# Win 10 Update hängt bei "Es wird nach Updates gesucht..."



## Bernd12 (8. August 2015)

*Win 10 Update hängt bei "Es wird nach Updates gesucht..."*

Win 10 Update hängt bei "Es wird nach Updates gesucht...". 
Die Such nach neuen Updates wird neuerdings nicht mehr abgeschlossen.

Die Problembehandlung habe ich bereits durchgeführt.

Wisst ihr wie man das Problem behebt? 

Danke!


----------



## onliner (8. August 2015)

*AW: Win 10 Update hängt bei "Es wird nach Updates gesucht..."*

Nun es gibt zwei Varianten der Lösung.

der Erste: Du lasst Windows selbst Zeit, in dem du es einfach laufen lässt. Windows meldet sich dann wenns geht.
Manchmal braucht auch Windows 10 seine neustarts die man Zeitweise machen muss.

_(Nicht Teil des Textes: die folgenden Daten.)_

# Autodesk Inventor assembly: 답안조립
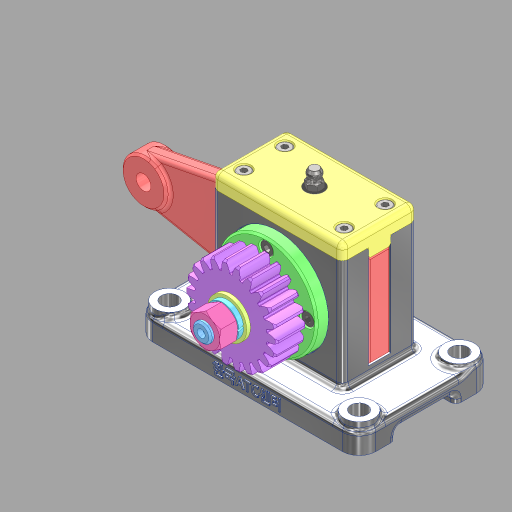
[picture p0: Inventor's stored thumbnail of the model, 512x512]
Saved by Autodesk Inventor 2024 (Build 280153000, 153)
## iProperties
Created: 2025-04
Part Number: 답안조립
Document SubType Name: Assembly
Designer: kh_501
Author: kh_501
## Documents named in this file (15)
- C:\Users\kh_501\Desktop\750404V1011\답안조립.iam
- C:\Users\kh_501\Desktop\750404V1011\본체.ipt
- C:\Users\kh_501\Desktop\750404V1011\그리스 니플 M6x0.75\그리스 니플 M6x0.75.ipt
- C:\Users\kh_501\Desktop\750404V1011\로드\로드.ipt
- C:\Users\kh_501\Desktop\750404V1011\스퍼기어\스퍼기어.ipt
- C:\Users\kh_501\Desktop\750404V1011\스프링와셔 M10\스프링와셔 M10.ipt
- C:\Users\kh_501\Desktop\750404V1011\실링\실링.ipt
- C:\Users\kh_501\Desktop\750404V1011\앞커버\앞커버.ipt
- C:\Users\kh_501\Desktop\750404V1011\윗커버\윗커버.ipt
- C:\Users\kh_501\Desktop\750404V1011\육각 너트 M10\육각 너트 M10.ipt
- C:\Users\kh_501\Desktop\750404V1011\육각 소켓 머리 볼트 M4x10\육각 소켓 머리 볼트 M4x10.ipt
- C:\Users\kh_501\Desktop\750404V1011\편심축\편심축.ipt
- C:\Users\kh_501\Desktop\750404V1011\평와셔 M10\평와셔 M10.ipt
- C:\Users\kh_501\Desktop\750404V1011\평행키 4x4x10\평행키 4x4x10.ipt
- C:\Users\kh_501\Desktop\750404V1011\플랜지 오일레스 부시\플랜지 오일레스 부시.ipt
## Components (3 placed, 2 different names)
1. 그리스 니플 M6x0.75:1 — 각도:9
2. 플랜지 오일레스 부시:1 — 각도:14
3. 플랜지 오일레스 부시:2 — 각도:15
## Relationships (3: Angle 3)
- 각도:9 [Angle]: 그리스 니플 M6x0.75:1
- 각도:14 [Angle]: 플랜지 오일레스 부시:1
- 각도:15 [Angle]: 플랜지 오일레스 부시:2

der Zweite: was eher wahrscheinlich ist, das die WSUS Server von MS-Deutschland überlastet sind. Dadurch dauert es bis sich dein Rechner mit Komponenten am Lizensierungs-Server Updatet.


----------



## Veritas (9. August 2015)

*AW: Win 10 Update hängt bei "Es wird nach Updates gesucht..."*

Hallo Zusammen.

Bei mir funzt das Update auch nicht. Hängt sich immer bei 85 % auf... Schon unterschiedliche Varianten des Upgrades probiert (+4 Stunden laufen lassen), erfolglos.

Ich warte jetzt noch einige Tage, denke dann sollte es laufen.

So long


----------



## citizen-kane (22. November 2015)

*AW: Win 10 Update hängt bei "Es wird nach Updates gesucht..."*

Hallo, 

hatte eben das gleiche Problem mit dem hängen bleiben bei "Updates werden gesucht 0%". Habe dann über die Systemsteuerung die manuelle Suche nach Updates gestartet und siehe da plötzlich liefen die Prozente hoch. Kann Zufall sein, aber möglicherweise greift das Upgrade auf die gleiche Funktion zu, wie Windows 7. Könnt ja mal ein Feedback geben ob es bei euch dann auch funktioniert hat.

LG
Citizen


----------